# How many books do you have waiting to be read?



## RubyBlue (Mar 21, 2012)

I've just realised I have about 200 on my kindle and around 20 'real' books!!!! I still can't stop buying when I see a 'bargain'! I used to 'horde' books in case I never had enough to read and my mates laughed at me for it but now?

Oh, forgot - I have around 7 library books ready..


----------



## starfish (Mar 21, 2012)

4 i just bought plus several i want. Thats not counting those im about to buy plus what im kindling.


----------



## imposs1904 (Mar 21, 2012)

I've currently got 34 library books out on loan that I'm intending to read. I could mention other books staring back at me either on the bookshelf or on my e-reader but instead I'll just give myself a few facepalms to acknowledge my daftness.


----------



## Greebo (Mar 21, 2012)

It's getting embarrassingly close to triple figures.


----------



## Kate Hillier (Mar 21, 2012)

142 + possibly another 20? to add to my sinful Unread Pile.
  I am trying and failing to do a Money Saving Challenge to actually read the bloody[wonderful] things and not spend so much.
http://forums.moneysavingexpert.com/showthread.php?t=2263095


----------



## Kate Hillier (Mar 21, 2012)

Isn't it a struggle to keep the pile down as Books are sooo irresistible!


----------



## ringo (Mar 21, 2012)

Loads I bought speculatively and might get round to on the shelves, about 20 in the actual "to read" pile.


----------



## Santino (Mar 21, 2012)

A million


----------



## Greebo (Mar 21, 2012)

In my defence, a lot of the ones on the "still to be read" pile aren't in English, and they get bought as and when spotted (if cheap enough).  I've tried not doing this and ended up spending twice as much on nothing which I even wanted to read, so this is progress, of a sort.


----------



## iona (Mar 21, 2012)

I don't buy books but I generally have at least 5 on order from the library, plus another 30 or so on my "see if any branch has a copy" list. And a drawer full of books that I've actually taken out, as I'm getting through two or three a day at the moment.


----------



## D'wards (Mar 21, 2012)

100+ i estimate

I filled up my "to read" shelf a few months ago and made a vow not to buy any books unless i can fit them on the shelf. I broke my vow and now have them piled up in front of the other books to read.

I visit charity shops a lot, and can never resist if i see a book i might want to read at some point, plus i'm also on readitswapit, so swap for books i havent read all the time.

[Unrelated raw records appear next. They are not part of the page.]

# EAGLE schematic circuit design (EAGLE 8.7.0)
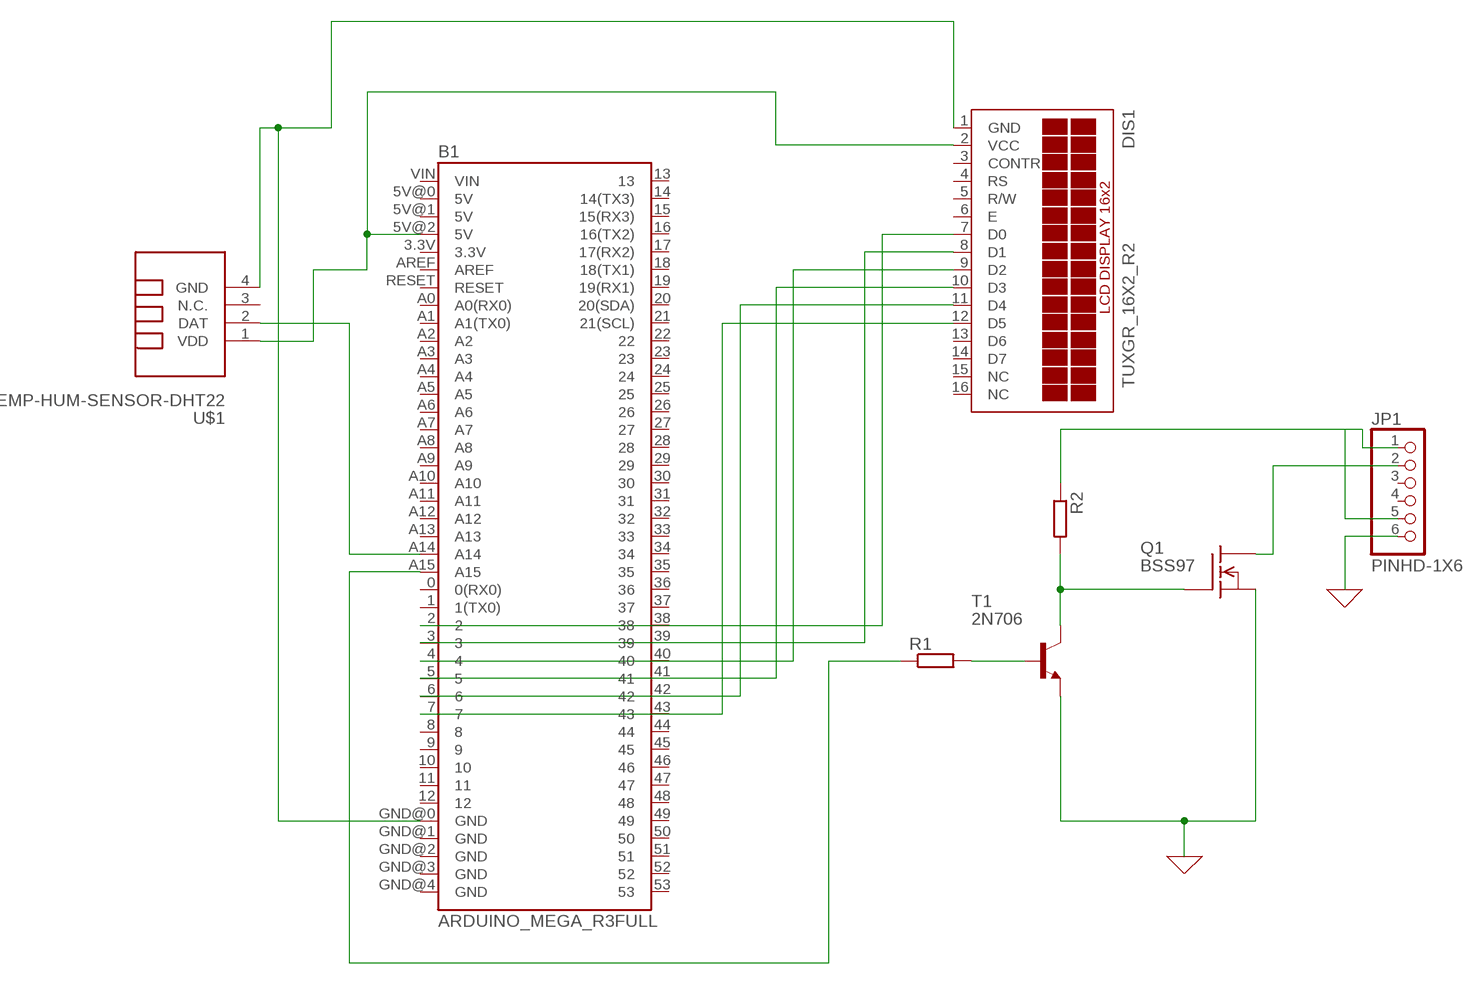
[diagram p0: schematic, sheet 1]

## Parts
B1  ARDUINO_MEGA_R3FULL  [ARDUINO_MEGA]
DIS1  TUXGR_16X2_R2  [TUXGR_16X2_R2]
JP1  PINHD-1X6  [1X06]
Q1  BSS97  [TO202]
R1  R0207/10  [0207/10]
R2  R0207/10  [0207/10]
T1  2N706  [TO18]
U$1  TEMP-HUM-SENSOR-DHT22  [TEMP-HUM-SENSOR-DHT22]

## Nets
0: JP1.6 Q1.1(S) T1.1(E) ; supply symbol labelled GND
N$1: R1.2 T1.2(B)
N$2: Q1.3(G) R2.2 T1.3(C)
N$3: B1.4 DIS1.9(D2)
N$4: JP1.1 JP1.5 R2.1
N$5: JP1.2 Q1.2(D)
N$6: B1.5 DIS1.10(D3)
N$7: B1.A15 R1.1
N$8: B1.A14 U$1.2(DAT)
N$9: B1.5V@2(5V) DIS1.2(VCC) U$1.1(VDD)
N$10: B1.GND@0(GND) DIS1.1(GND) U$1.4(GND)
N$11: B1.2 DIS1.7(D0)
N$12: B1.3 DIS1.8(D1)
N$13: B1.6 DIS1.11(D4)
N$14: B1.7 DIS1.12(D5)
Unconnected: B1.0(0(RX0)) B1.1(1(TX0)) B1.3.3V B1.5V@0(5V) B1.5V@1(5V) B1.8 B1.9 B1.10 B1.11 B1.12 B1.13 B1.14(14(TX3)) B1.15(15(RX3)) B1.16(16(TX2)) B1.17(17(RX2)) B1.18(18(TX1)) B1.19(19(RX1)) B1.20(20(SDA)) B1.21(21(SCL)) B1.22 B1.23 B1.24 B1.25 B1.26 B1.27 B1.28 B1.29 B1.30 B1.31 B1.32 B1.33 B1.34 B1.35 B1.36 B1.37 B1.38 B1.39 B1.40 B1.41 B1.42 B1.43 B1.44 B1.45 B1.46 B1.47 B1.48 B1.49 B1.50 B1.51 B1.52 B1.53 B1.A0(A0(RX0)) B1.A1(A1(TX0)) B1.A2 B1.A3 B1.A4 B1.A5 B1.A6 B1.A7 B1.A8 B1.A9 B1.A10 B1.A11 B1.A12 B1.A13 B1.AREF B1.GND@1(GND) B1.GND@2(GND) B1.GND@3(GND) B1.GND@4(GND) B1.RESET B1.VIN DIS1.3(CONTR) DIS1.4(RS) DIS1.5(R/W) DIS1.6(E) DIS1.13(D6) DIS1.14(D7) DIS1.15(NC) DIS1.16(NC) JP1.3 JP1.4 U$1.3(N.C.)

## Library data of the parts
B1 = SparkFun-Boards:ARDUINO_MEGA_R3: Arduino Mega R3 ATmega2560 R3 compatible footprint. SparkFun Products: Arduino Mega 2560 R3
DIS1 = display-lcd:TUXGR_16X2_R2: Tuxgraphics LCD display 16x2 characters reflective, without background light Source: tuxgr_12x2_r2.pdf; OC_FARNELL: unknown; OC_NEWARK: unknown
JP1 = audio amplifier example:PINHD-1X6: PIN HEADER
Q1 = transistor-fet:BSS97: N-Channel Enhancement MOSFET 200V; 1.5A; 1,6Ohm
R1 R2 = eagle-ltspice:R: RESISTOR, European symbol; SPICEMODEL: NONE; SPICEPREFIX: R
T1 = transistor:2N706: NPN TRANSISTOR
U$1 = diy-modules:TEMP-HUM-SENSOR-DHT22: DHT22 - digital humidity & temperature sensor Also known as: AM2302 AM2302 datasheet available here: http://akizukidenshi.com/download/ds/aosong/AM2302.pdf Click here to find device on ebay.com
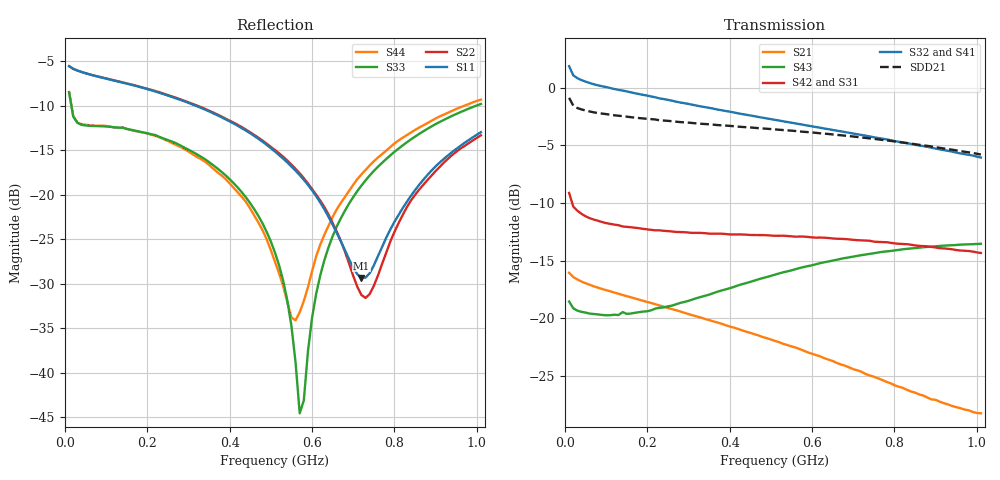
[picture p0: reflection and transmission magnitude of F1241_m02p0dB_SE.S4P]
! Integrated Device Technology
! Corporate Headquarters
! 6024 Silver Creek Valley Road
! San Jose, CA 95138  USA
! Phone:  1-408-284-8200
! Toll Free:  1-800-223-1366
! Webpage:  http://www.idt.com/
! Timing and RF Division
! 515 Groton Road, Suite 102
! Westford, MA 01886-6024
! Device:  F1241
! Description: Dual Intermediate Frequency Digital Variable Gain Amplifier
! Frequency:  10.0 -  500.00 MHz
! Package:  5x5 mm QFN Plastic Package: 32 pin
! Ports:  8 RF, 20 DC
!  Pin  1  = GA3  Pin 17  = RF OUT_B+
!  Pin  2  = GA4  Pin 18  = RF OUT_B-
!  Pin  3  = GA5  Pin 19  = STBY_B
!  Pin  4  = ISET_A  Pin 20  = Ground
!  Pin  5  = ISET_B  Pin 21  = Ground
!  Pin  6  = GB5  Pin 22  = STB_A
!  Pin  7  = GB4  Pin 23  = RF OUT_A-  = Port 4
!  Pin  8  = GB3  Pin 24  = RF OUT_A+  = Port 3
!  Pin  9  = GB2  Pin 25  = NO CONNECT
!  Pin 10  = GB1  Pin 26  = NO CONNECT
!  Pin 11  = RF IN_B+  Pin 27  = VCC
!  Pin 12  = RF IN_B-  Pin 28  = Ground
!  Pin 13  = Ground  Pin 29  = RF IN_A-  = Port 2
!  Pin 14  = VCC  Pin 30  = RF IN_A+  = Port 1
!  Pin 15  = NO CONNECT  Pin 31  = GA1
!  Pin 16  = NO CONNECT  Pin 32  = GA2
! State:  22
! Gain State:  -2.0 dB
! Voltages:  Vcc = +5.00 Volts  Icc approximately 160.0 mA or 80 mA per channel.
! Data:  The device was measured on a custom evaluation board which has
!  individual transmission lines to the RF pins.  Data was collected
!  using a calibrated network analyzer.  The evaluation board was
!  de-embedded using a port reference technique.
!  The reference plane is the edge of the package pin.
!  Only Channel A was measured.
!  This data is in single-ended operation.  If your needs are balanced
!  or differential S-parameters then this file needs to be used a
!  linear simulator.
! Misc:  Lot Code  160028MY
!  Action Tracker AT004
! Date Measured:  2014-08-14
! Date:  2014-08-28  MJV
! Note:
!  Integrated Device Technology supplies this data as a sample of measured
!  data at the package pin for this product.  Your particular data for this
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# Hz S dB R 50
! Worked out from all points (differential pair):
!   101 points, 10 MHz to 1.01 GHz, reference 50 ohm
!   strongest paths, dB at 10 MHz, 260 MHz, 510 MHz, 760 MHz, 1.01 GHz:
!     S32: 1.9, -1.1, -2.8, -4.3, -6.0
!     S41: 1.9, -1.1, -2.9, -4.5, -6.3
!     S42: -9.1, -12.5, -12.8, -13.4, -14.3
!     S31: -9.1, -12.5, -12.9, -13.5, -14.4
!     S43: -18.5, -18.9, -16.2, -14.3, -13.5
!     S21: -16.0, -19.2, -22.0, -25.2, -28.2
!   taken as a pair (ports 2,1 in; 3,4 out), SDD21 dB: -0.9, -2.9, -3.6, -4.5, -5.8
!   lowest |S11| = -29.3 dB at 720 MHz (marker M1), VSWR 1.07, Z = 47.9 - j2.58 ohm
!   |S11| at or under -10 dB: 317.4 MHz to end of sweep
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1e7  -5.57 -8.0  -16.04 -11.8  -35.00 -2.5  -22.98 8.7
     -16.05 -11.8  -5.56 -7.9  -23.01 8.4  -35.03 -2.0
     -9.12 157.2  1.88 169.0  -8.53 -39.3  -18.59 -179.1
     1.92 169.1  -9.12 157.3  -18.54 -179.1  -8.47 -39.1
4.5e8  -13.10 -39.2  -21.25 -38.8  -34.78 10.4  -23.99 -22.7
       -21.26 -39.2  -13.00 -35.7  -23.81 -22.4  -34.74 8.8
       -12.83 54.7  -2.40 115.4  -20.96 -24.7  -16.96 100.0
       -2.47 114.2  -12.77 54.0  -16.84 99.6  -21.56 -17.6
5.3e8  -15.95 -46.5  -22.14 -41.6  -34.02 9.8  -23.96 -26.9
       -22.22 -42.0  -15.74 -42.0  -23.68 -26.5  -34.01 7.8
       -12.94 40.0  -2.90 106.8  -29.68 -22.5  -16.16 88.5
       -3.00 105.5  -12.83 39.0  -16.00 88.3  -30.27 6.0
5.7e8  -17.80 -51.4  -22.62 -42.6  -33.65 9.1  -23.94 -28.9
       -22.67 -43.1  -17.59 -45.5  -23.64 -28.7  -33.59 7.1
       -13.01 33.2  -3.15 102.7  -44.53 28.2  -15.79 83.0
       -3.27 101.2  -12.91 32.2  -15.63 82.9  -33.19 74.7
6.3e8  -21.64 -62.6  -23.35 -43.8  -33.14 8.0  -23.96 -32.4
       -23.46 -44.3  -21.39 -55.0  -23.57 -32.1  -33.06 5.5
       -13.14 23.5  -3.53 96.5  -27.32 134.7  -15.31 75.0
       -3.67 95.0  -13.00 21.9  -15.13 74.8  -24.48 119.7
7.2e8  -29.33 -127.9  -24.52 -44.5  -32.32 5.2  -23.99 -37.4
       -24.64 -44.8  -31.26 -114.0  -23.54 -37.5  -32.29 2.6
       -13.36 10.1  -4.09 87.4  -18.96 135.0  -14.69 63.5
       -4.27 86.0  -13.23 8.2  -14.52 63.3  -17.71 126.8
1.01e9  -12.97 134.1  -28.08 -32.8  -30.38 -8.9  -24.60 -53.9
        -28.24 -31.6  -13.32 134.6  -23.81 -54.8  -30.26 -11.6
        -14.44 -24.4  -6.04 60.2  -9.81 124.3  -13.72 30.9
        -6.31 59.1  -14.33 -27.7  -13.53 30.8  -9.32 120.5
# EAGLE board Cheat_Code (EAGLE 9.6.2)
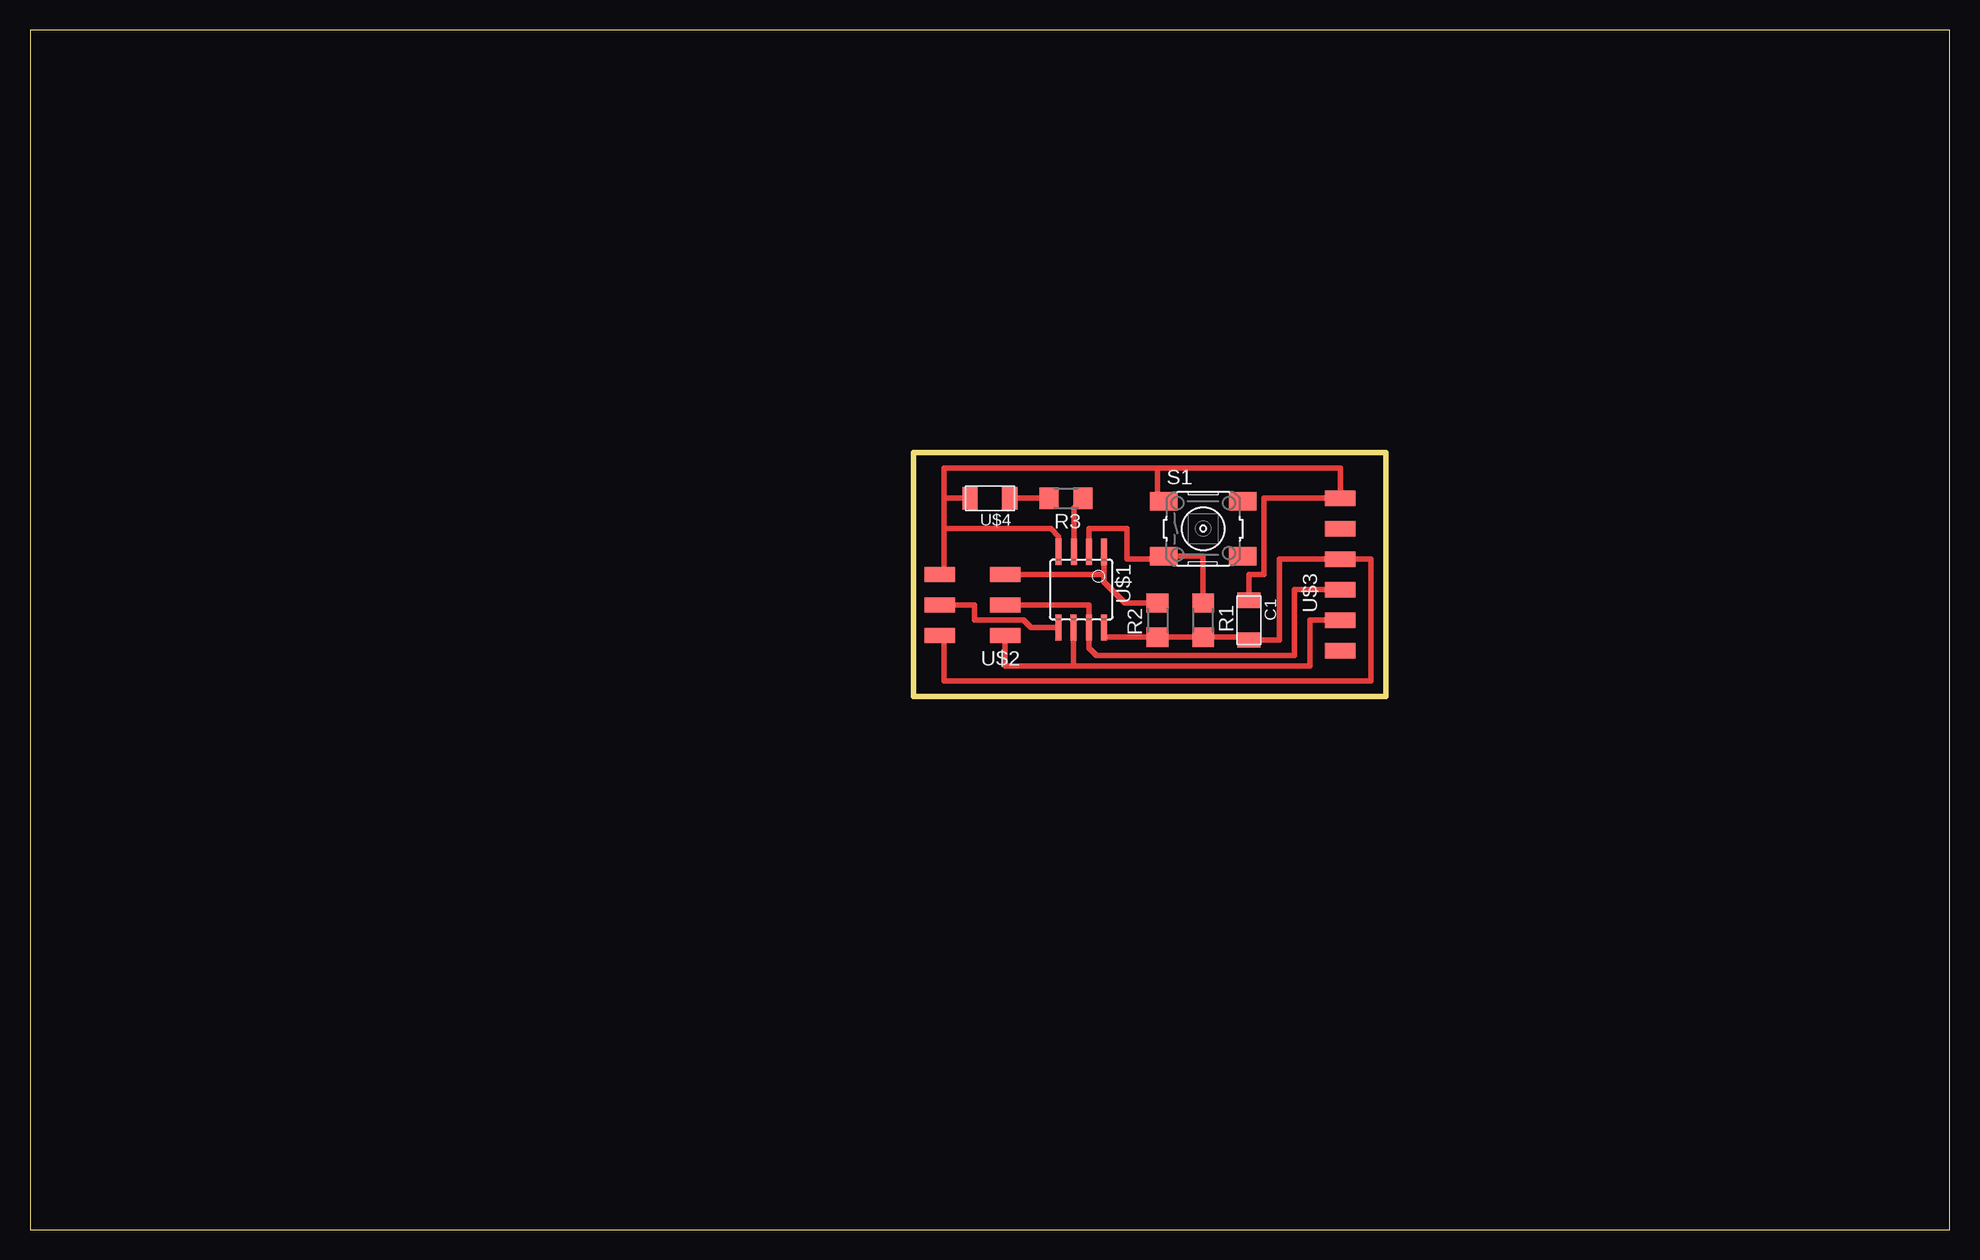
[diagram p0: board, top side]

Size 160 x 100 mm. Coordinates in mm from the lower left corner, seen from the top.
Outline: 0,0 160,0 160,100 0,100 0,0
Copper layers (1*16): Top 0.035mm / dielectric 1.5mm / Bottom 0.035mm
Design rules "default *": minimum track width 18mil, minimum drill 0.35mm, track to track 16mil, track to pad 16mil, pad to pad 16mil, via to via 12mil, smd to smd 10mil, copper to edge 40mil, drill to drill 6mil, minimum pad ring 10mil, minimum via ring 8mil, stop-mask expansion 4mil, vias tented up to drill 0mil, thermal gap 10mil
Milling: 6 lines

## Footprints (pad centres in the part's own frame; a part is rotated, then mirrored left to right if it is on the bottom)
C1206FAB = smd 1.27 x 1.905: 1 -1.651,0; 2 1.651,0
R1206 = smd 1.6 x 1.803: 1 -1.422,0; 2 1.422,0
6MM_SWITCH = smd 2.286 x 1.524: 1 -3.302,2.286; 2 3.302,2.286; 3 -3.302,-2.286; 4 3.302,-2.286
SOIC8 = smd 0.5 x 2.2: 1 -1.905,-3.154; 2 -0.645,-3.154; 3 0.625,-3.154; 4 1.895,-3.154; 5 1.905,3.154; 6 0.635,3.154; 7 -0.635,3.154; 8 -1.905,3.154
2X03SMD = smd 2.54 x 1.27: 1 -2.54,2.54; 2 2.92,2.54; 3 -2.54,0; 4 2.92,0; 5 -2.54,-2.54; 6 2.92,-2.54
1X06SMD = smd 2.54 x 1.27: 1 0,6.35; 2 0,3.81; 3 0,1.27; 4 0,-1.27; 5 0,-3.81; 6 0,-6.35
LED1206FAB = smd 1.27 x 1.905: 1 -1.651,0; 2 1.651,0

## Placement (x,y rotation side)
C1  1u  [C1206FAB]  101.6,50.8 270 top
R1  10k  [R1206]  97.79,50.8 270 top
R2  10k  [R1206]  93.98,50.8 90 top
R3  10k  [R1206]  86.36,60.96 180 top
S1  [6MM_SWITCH]  97.79,58.42 0 top
U$1  UC_ATTINY45SI  [SOIC8]  87.63,53.34 180 top
U$2  CONN_03X2_AVRISPSMD  [2X03SMD]  78.74,52.07 180 top
U$3  CONN_06_FTDI-SMD-HEADER  [1X06SMD]  109.22,54.61 0 top
U$4  LEDFAB1206  [LED1206FAB]  80.01,60.96 180 top

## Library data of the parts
C1 R1-R3 S1 U$1-U$4 = fab

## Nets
GND: C1.1 S1.1 U$1.4 U$2.6 U$3.1 U$4.2
LED: R3.1 U$1.3
N$1: U$1.6 U$2.1 U$3.5
N$2: U$1.7 U$2.3 U$3.4
N$3: R2.2 U$1.1 U$2.5
N$4: U$1.5 U$2.4
N$5: R3.2 U$4.1
PB: R1.1 S1.3 U$1.2
VCC: C1.2 R1.2 R2.1 U$1.8 U$2.2 U$3.3

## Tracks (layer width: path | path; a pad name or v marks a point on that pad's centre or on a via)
GND
  Top 0.457: 93.98,63.5 76.2,63.5 76.2,60.96 | 93.98,63.5 109.22,63.5 U$3.1 102.87,60.96 102.87,54.61 101.6,54.61 C1.1 | U$4.2 76.2,60.96 | S1.1 93.98,61.21 93.98,63.5 | U$1.4 85.73,57.77 85.09,58.42 76.2,58.42 | U$2.6 76.2,54.99 76.2,58.42 | 76.2,58.42 76.2,60.96
LED
  Top 0.457: R3.1 87,60.18 U$1.3
N$1
  Top 0.457: U$3.5 106.68,50.8 106.68,46.99 87,46.99 | 87,46.99 81.28,46.99 U$2.1 | U$1.6 87,46.99
N$2
  Top 0.457: U$3.4 105.41,53.34 105.41,47.85 88.9,47.85 88.27,48.49 U$1.7 88.27,52.07 U$2.3
N$3
  Top 0.457: U$1.1 89.53,54.61 | 89.53,54.61 89.53,53.98 91.29,52.22 R2.2 | U$2.5 89.53,54.61
N$4
  Top 0.457: U$2.4 78.74,52.07 78.74,50.8 82.81,50.8 83.43,50.19 U$1.5
N$5
  Top 0.457: U$4.1 R3.2
PB
  Top 0.457: U$1.2 88.28,58.42 91.44,58.42 91.44,55.88 94.23,55.88 S1.3 97.79,56.13 R1.1
VCC
  Top 0.457: U$2.2 76.2,49.15 76.2,45.72 111.76,45.72 111.76,55.88 U$3.3 104.14,55.88 104.14,49.15 C1.2 101.37,49.38 R1.2 R2.1 89.69,49.38 89.53,49.53 U$1.8

I have doggedly stuck to my new years resolution of not buying any new footwear so far, i think i need to make one about buying books also.


----------



## contadino (Mar 21, 2012)

I have about 100 on my GoodReads to-read list, but there's only about 5 of those on the Kindle. I use the GoodReads thing to sort of bookmark stuff that sounds interesting, but if I got them all on the Kindle, when I finish my current book, my head might short circuit.


----------



## Zabo (Mar 21, 2012)

Literally hundreds and hundreds of hardback and paperback. I'm currently ploughing my way through the Russian giants: Dostoevsky, Chekhov, Gogol, Bulgakov, Tolstoy including their biographies.

Wish I hadn't gone to the library yesterday because I came home with a new biography on Voltaire. And then a visit to Help The Haggard cost me £8 for a good copy of The World In 100 Objects.

Dostoevsky can wait!




Book tip. If your books have turned a funny shade of yellow or golden brown on the edges here's what to do. Clamp the book hard - g clamps, vice or very heavy objects so it is really tightly compressed. Rub a sanding block or piece of fine sandpaper along the edges. It is wood after all! Make sure you protect the covers with some cardboard before clamping.


----------